I recommend installing the subversion client with SSL to retrieve the latest packages. The SSL part is important because SimTK.org uses the https URL scheme which requires SSL. TortoiseSVN is a fantastic client for Windows, seamlessly integrated into Explorer. You can also download subversion binaries for Mac OS X. You can also use Fink and install the svn-client-ssl
package, but you may run into dependency issues. For the other operating systems, you can check here to see if a pre-compiled binary is available. Otherwise you'll have to build it yourself from source.
mkdir $HOME/Projects cd $HOME/Projects
This will create a directory called Projects
in your
home directory. The following commands will be working from this
directory, so you have to change to the directory after creating it.
FEATURE is available through the subversion interface using the svn client. The following will create a feature
directory and retrieve the packages from the current release of feature. Change to the feature
directory after svn is finished.
svn checkout https://simtk.org/svn/feature/releases feature cd feature
If you don't have subversion (svn), or can't install it, then fetch the packages directly from the release (using wget, curl, or some web browser):
mkdir feature cd feature wget https://simtk.org/frs/download.php/33/feature-1.9.tar.gz wget https://simtk.org/frs/download.php/32/tools-0.1.tar.gz
The feature-1.9
package contains the source code for FEATURE and will be built in the next step. The tools-0.1
package is a collection of scripts that will be useful for working with FEATURE. After retrieving the packages, unpack them:
gunzip -c feature-1.9.tar.gz | tar xvf - gunzip -c tools-0.1.tar.gz | tar xvf -
Each of the packages are packaged using tar
and compressed with gzip
. So the above commands should unpack the packages and put them in their respective directories.
Because FEATURE is written in C, it needs to be compiled. The following command will change to the FEATURE directory, configure it for your system, and build the binaries
cd feature-1.9 ./configure make cd ..
After FEATURE is built, you need to set a few environment variables so that the programs can find their data files. First, set FEATURE_DIR
so that FEATURE can find its data files. Then, add the location of FEATURE and the tools/bin to your PATH
. Finally, add the tools/lib to your PYTHONPATH
so that the python scripts can find their friends.
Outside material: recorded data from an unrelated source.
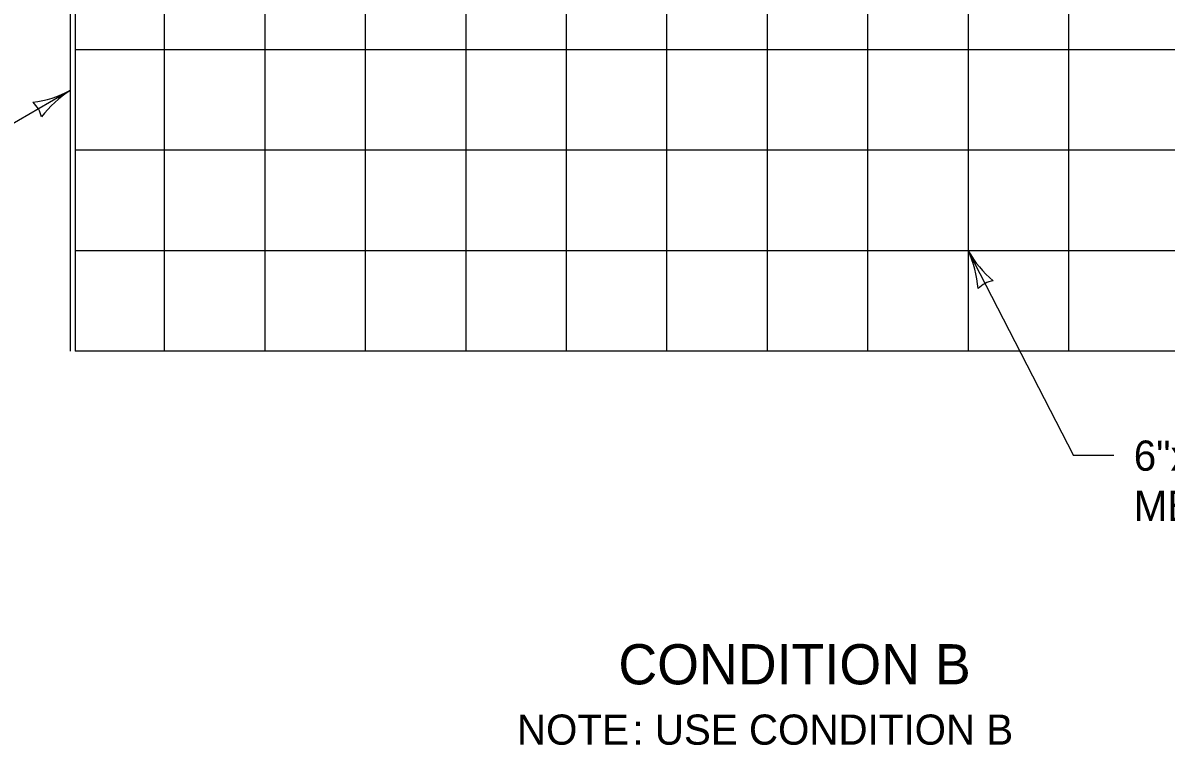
# Model space of a CAD drawing. Extents: x 49991.4 to 50021, y 49987.6 to 50011.4.
# Drawn here: x 50006.049 to 50008.325, y 49996.106 to 49997.543 of the extents above; entities that cross this region are included whole.
import ezdxf

# ---------------------------------------------------------------- set-up
doc = ezdxf.new("R2010")
doc.units = 0
for name, color, linetype in [('Level 1', 7, 'Continuous'), ('Level 2', 7, 'Continuous'), ('Level 3', 7, 'Continuous'), ('Level 4', 7, 'Continuous')]:
    doc.layers.add(name, color=color, linetype=linetype)

msp = doc.modelspace()

# ---------------------------------------------------------------- linework, layer by layer
at = {"layer": 'Level 1'}
for p, q in [((50006.1436, 49998.4848), (50006.1436, 49996.8898)), ((50006.153, 49997.6337), (50006.153, 49996.8898))]:
    msp.add_line(p, q, dxfattribs=at)
at = {"layer": 'Level 2'}
for p in [(50007.9305, 49997.0898), (50008.2202, 49996.6822)]:
    msp.add_line(p, (50008.1402, 49996.6822), dxfattribs=at)
at = {"layer": 'Level 3'}
msp.add_line((50006.1436, 49997.4086), (50005.8622, 49997.2461), dxfattribs=at)
for centre, radius, start, end in [((50006.0405, 49997.6056), 0.2223, 277.456, 297.6395), ((50006.27, 49997.2128), 0.233, 122.8273, 142.0772), ((50006.0326, 49997.3445), 0.0548, 12.1388, 47.8612), ((50007.7288, 49996.9964), 0.2223, 4.6736, 24.8571), ((50008.1322, 49997.2065), 0.233, 210.0449, 229.2947), ((50007.9892, 49996.9758), 0.0548, 99.3564, 135.0787)]:
    msp.add_arc(centre, radius, start, end, dxfattribs=at)
at = {"layer": 'Level 4'}
for p, q in [((50007.1305, 49998.2898), (50007.1305, 49996.8898)), ((50007.3305, 49998.2898), (50007.3305, 49996.8898)), ((50007.5305, 49998.2898), (50007.5305, 49996.8898)), ((50007.7305, 49998.2898), (50007.7305, 49996.8898)), ((50007.9305, 49998.2898), (50007.9305, 49996.8898)), ((50008.1305, 49998.2898), (50008.1305, 49996.8898)), ((50006.3305, 49997.6337), (50006.3305, 49996.8898)), ((50006.5305, 49997.6337), (50006.5305, 49996.8898)), ((50006.7305, 49997.6337), (50006.7305, 49996.8898)), ((50006.9305, 49997.6337), (50006.9305, 49996.8898)), ((50009.0987, 49997.4898), (50006.153, 49997.4898)), ((50009.0987, 49997.2898), (50006.153, 49997.2898)), ((50009.0987, 49997.0898), (50006.153, 49997.0898)), ((50009.0987, 49996.8898), (50006.153, 49996.8898))]:
    msp.add_line(p, q, dxfattribs=at)

# ---------------------------------------------------------------- texts
at = {"layer": 'Level 2'}
for s, height, p in [('6"x6" [150x150]  GALVANIZED ', 0.06, (50008.2602, 49996.6522)), ('MESH REINFORCEMENT PANEL', 0.06, (50008.2602, 49996.5522)), ('CONDITION B', 0.08, (50007.2344, 49996.2271)), ('NOTE', 0.06, (50007.0325, 49996.1071)), (': USE CONDITION B', 0.06, (50007.2624, 49996.1071))]:
    msp.add_text(s, height=height, dxfattribs=at).set_placement(p)

doc.saveas('drawing.dxf')

If you had unpacked the packages under $HOME/Projects
, the following will configure your environment (for bash
).
export FEATURE_DIR=$HOME/Projects/feature-1.9 export PATH=${PATH}:$HOME/Projects/feature-1.9:$HOME/Projects/tools-0.1/bin export PYTHONPATH=${PYTHONPATH}:$HOME/Projects/tools-0.1/lib
If you are using csh
or tcsh
as a shell, you should do the following:
setenv FEATURE_DIR $HOME/Projects/feature-1.9 setenv PATH ${PATH}:$HOME/Projects/feature-1.9:$HOME/Projects/tools-0.1/bin setenv PYTHONPATH ${PYTHONPATH}:$HOME/Projects/tools-0.1/lib
If you want this environment change to persist across logins, append the lines to your $HOME/.bash_profile
(if you are using bash
), or $HOME/.cshrc
(if you are using csh
or tcsh
).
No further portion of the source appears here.